YAY!!!! After like 17 pages of searching, I finally got ONE!!!!!


----------



## Forte (Jun 19, 2011)

EUPOGIA IS MY FAV


----------



## 5BLD (Jun 19, 2011)

Waffo, thom, thrawst, redkb, and probably alot more...


----------



## SixSidedCube (Jun 19, 2011)

In no particular order:

camcuber, fazrulz1, fazdad, theWestonian, monkeydude1313, frk17, EricLimeback, Pestvic, Thrawst, badmephisto, axcvbh, Desie37, fiveawesomecubers, hobogutter666 (Me)


----------



## aronpm (Jun 19, 2011)

SixSidedCube said:


> In no particular order:
> 
> camcuber, fazrulz1, *fazdad*, theWestonian, monkeydude1313, frk17, EricLimeback, Pestvic, Thrawst, badmephisto, axcvbh, Desie37, fiveawesomecubers, hobogutter666 (Me)


 
Not a cuber


----------



## SixSidedCube (Jun 19, 2011)

aronpm said:


> Not a cuber


 
Why point only me out? A few other people put him too..


----------



## AustinReed (Jun 19, 2011)

Because we're too lazy to read the whole thread.


----------



## waffle=ijm (Jun 19, 2011)

1 week ago I said waffo. 

yep still waffo.


----------



## nlCuber22 (Jun 19, 2011)

waffo eating noodles


----------



## OMGitsSolved (Jun 19, 2011)

This is in particular order:
desie37
thewestonian
rowehess
nakaji1084
EricLimeback
monkeydude1313
camcuber


----------



## drewsopchak (Jun 20, 2011)

helpcube and thrawst


----------



## ChrisBird (Jun 20, 2011)

I'm liking Weston.


----------



## Stormcuber25 (Jun 24, 2014)

Crazybadcuber and JRcuber are my favorites


----------



## PJKCuber (Jun 24, 2014)

cyoubx and JrCuber


----------



## Petro Leum (Jun 24, 2014)

1. asmallkitten
2.
3.


----------



## CriticalCubing (Jun 24, 2014)

I would probably vote myself but.....
They are in no order! JRCuber, Yoshinator, Fazrulz1, Xtowncuber. I cant remember more but i really like them 
Please also see some of my vids.


----------



## Cubeologist (Jun 24, 2014)

I saw that CrazyBadCuber actually uploaded an average on 3x3 the other day. With comments enabled. Very happy to see this. I learned most of beginner CFOP from his channel. So it made me sad when he was just doing sponsored reviews and wooden puzzles. But I don't presume to say what he should make his videos about, I am just saying that I hope he comes back to speed solving.


----------



## Antonie faz fan (Jun 24, 2014)

faz!


----------



## guysensei1 (Jun 24, 2014)

Feliks Zemdegs, Crazybadcuber, Jrcuber, Cyoubx, CubeOrCubes...


----------



## DeeDubb (Jun 24, 2014)

Convinsa's vids are fun to watch. CBC is good, though he's on those wooden puzzles lately. Cyoubx is a great one...


----------



## Yellowsnow98 (Jun 24, 2014)

Cyoubx, CubeOrCubes and Antoine Cantin. (CBC is okay)
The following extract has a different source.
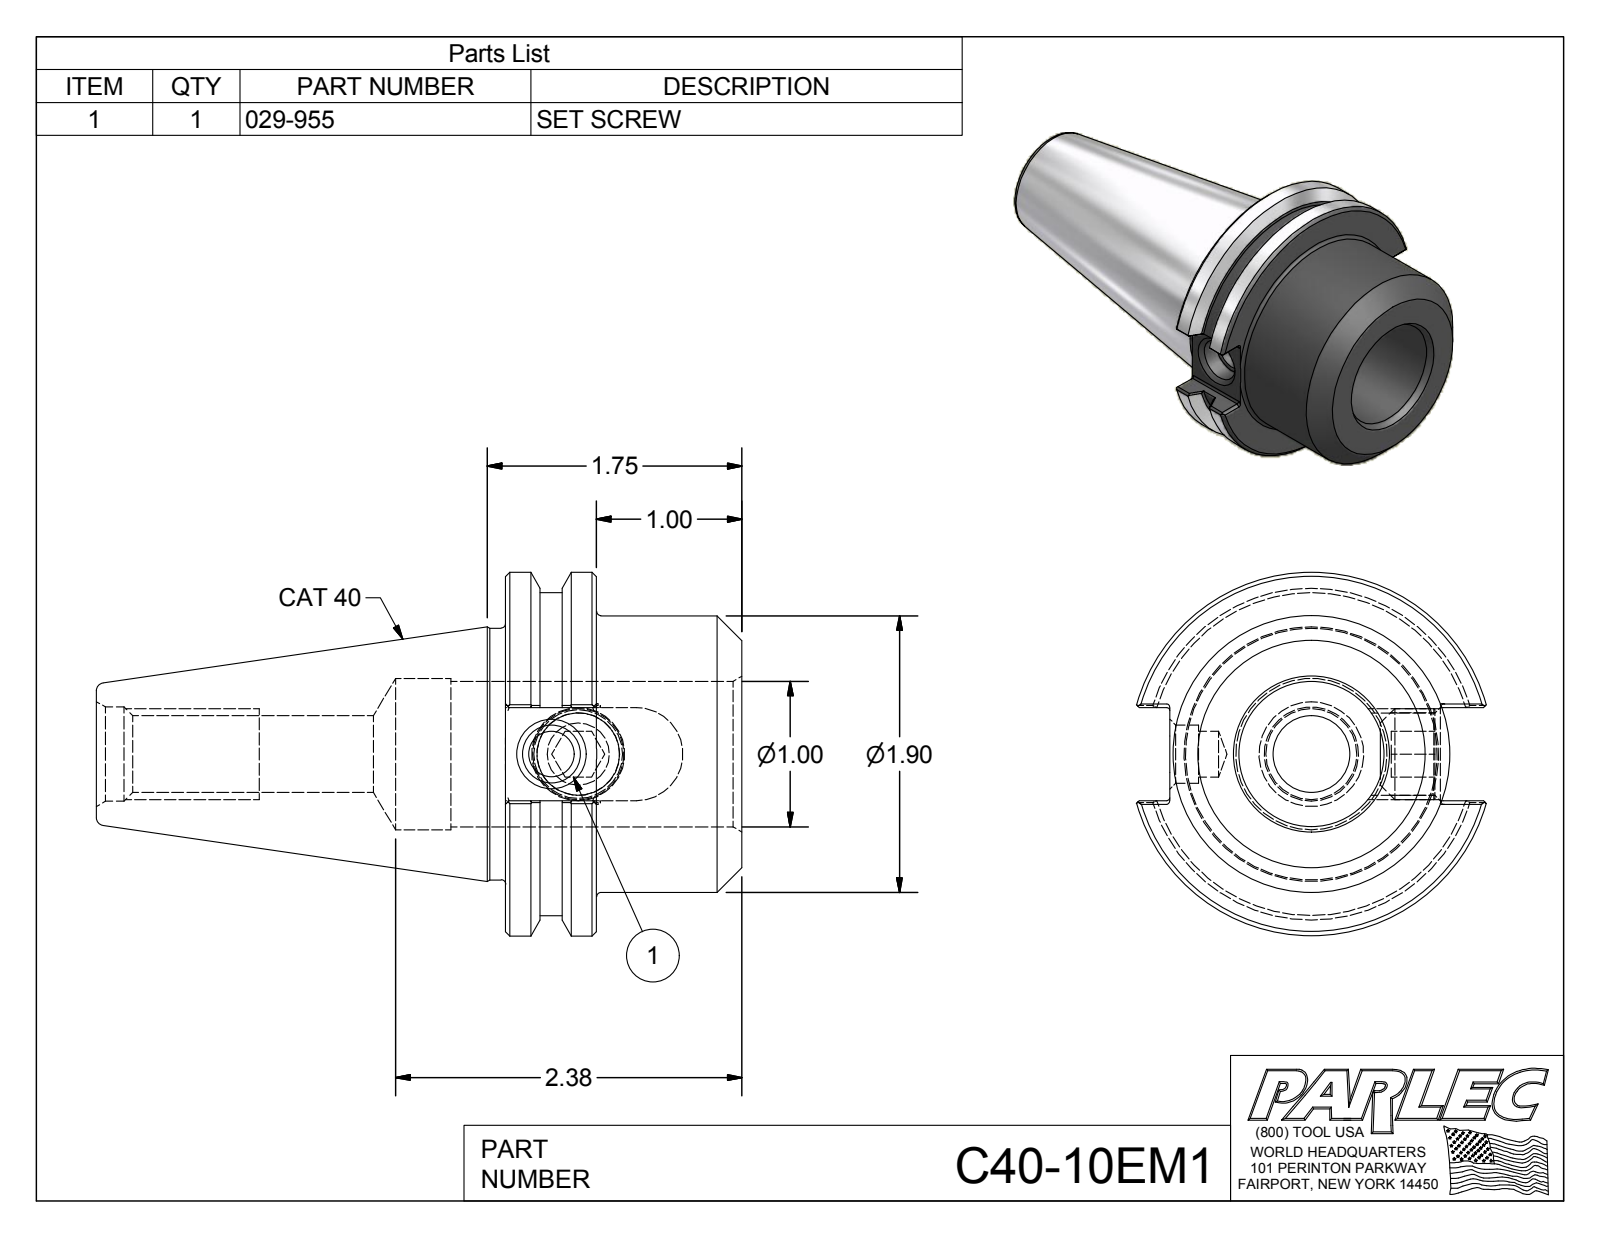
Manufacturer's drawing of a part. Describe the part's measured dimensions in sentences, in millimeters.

Anyone who disagrees doesn't count.


----------



## BillyRain (Jun 24, 2014)

Not CBC or MMAP. Everyone else is fine.


----------



## DeeDubb (Jun 24, 2014)

BillyRain said:


> Not CBC or MMAP. Everyone else is fine.



Woot, My YouTube channel got a vote! (it falls under "everyone else").


----------



## Speedcuber1012 (Jul 20, 2014)

crazybadcuber


----------



## CriticalCubing (Jul 20, 2014)

DeeDubb said:


> Woot, My YouTube channel got a vote! (it falls under "everyone else").
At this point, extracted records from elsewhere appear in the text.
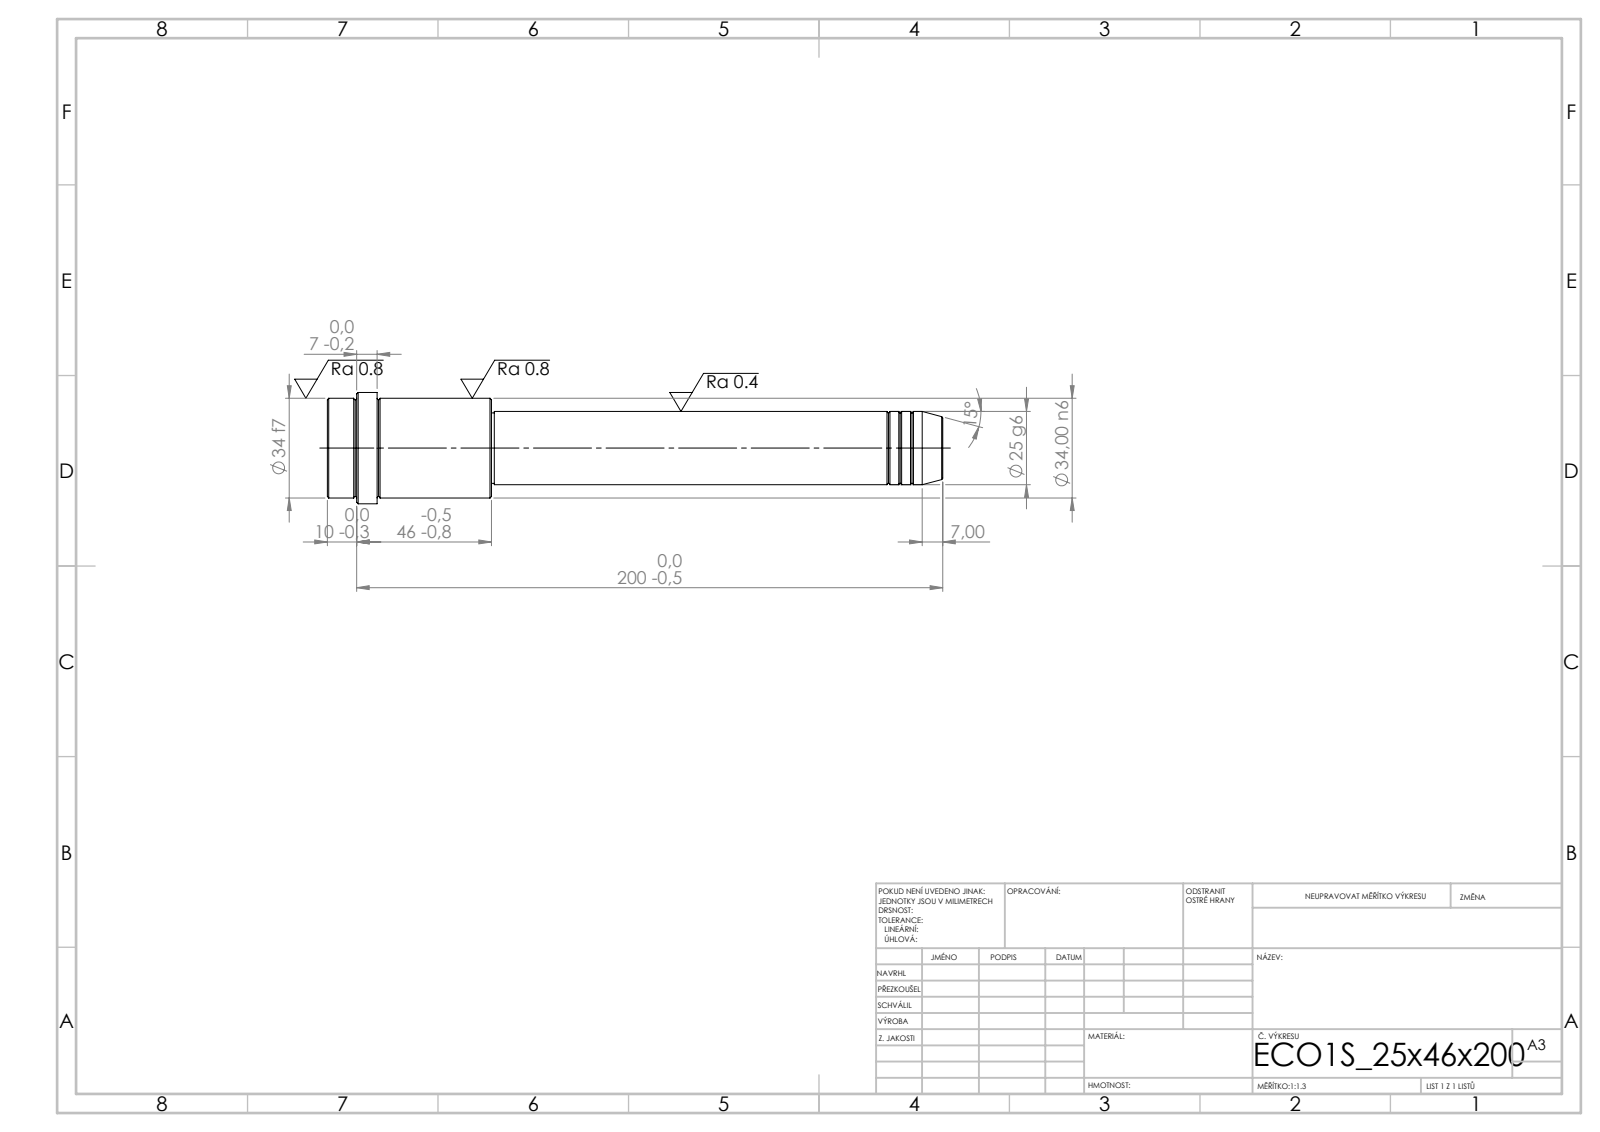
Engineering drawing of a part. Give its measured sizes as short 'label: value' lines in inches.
written by: SolidWorks 2019 (CONFIG_CONTROL_DESIGN)
unit: in
bodies: 1 solid, 52 faces (6 planar, 16 cylindrical, 30 other)
size: 8.268 × 1.496 × 1.496
volume: 7.767 in³; area: 31.75 in²
bosses: 1× ⌀1.496, 1× ⌀1.339, 1× ⌀0.984, 1× ⌀0.945
face distances: 2.205, 6.063, 8.268, 7.598, 1.535, 0.669, 7.874, 1.811, 0.276, 0.394

Your channel is good enough. Even I got a vote


----------



## 10461394944000 (Jul 20, 2014)

my channel is the best


----------



## IRNjuggle28 (Jul 20, 2014)

Feliks has a great channel, Cubing World is awesome, and there are plenty of other good channels. CBC is pretty good. MMAP is absolute torture. I do not understand how anybody likes him. Perhaps it's only my hyper awareness due to having social anxiety disorder and fighting against being the things that MMAP is that makes me oversensitive, but I literally can't watch his videos. He has such an odd and uncomfortable demeanor, and appears to be completely unaware of it. I find it embarrassing. I find his personality so repellent that I am embarrassed by it even though it's only in a youtube video.


----------



## CriticalCubing (Jul 20, 2014)

IRNjuggle28 said:


> Feliks has a great channel, Cubing World is awesome, and there are plenty of other good channels. CBC is pretty good. MMAP is absolute torture. I do not understand how anybody likes him. Perhaps it's only my hyper awareness due to having social anxiety disorder and fighting against being the things that MMAP is that makes me oversensitive, but I literally can't watch his videos. He has such an odd and uncomfortable demeanor, and appears to be completely unaware of it. I find it embarrassing. I find his personality so repellent that I am embarrassed by it even though it's only in a youtube video.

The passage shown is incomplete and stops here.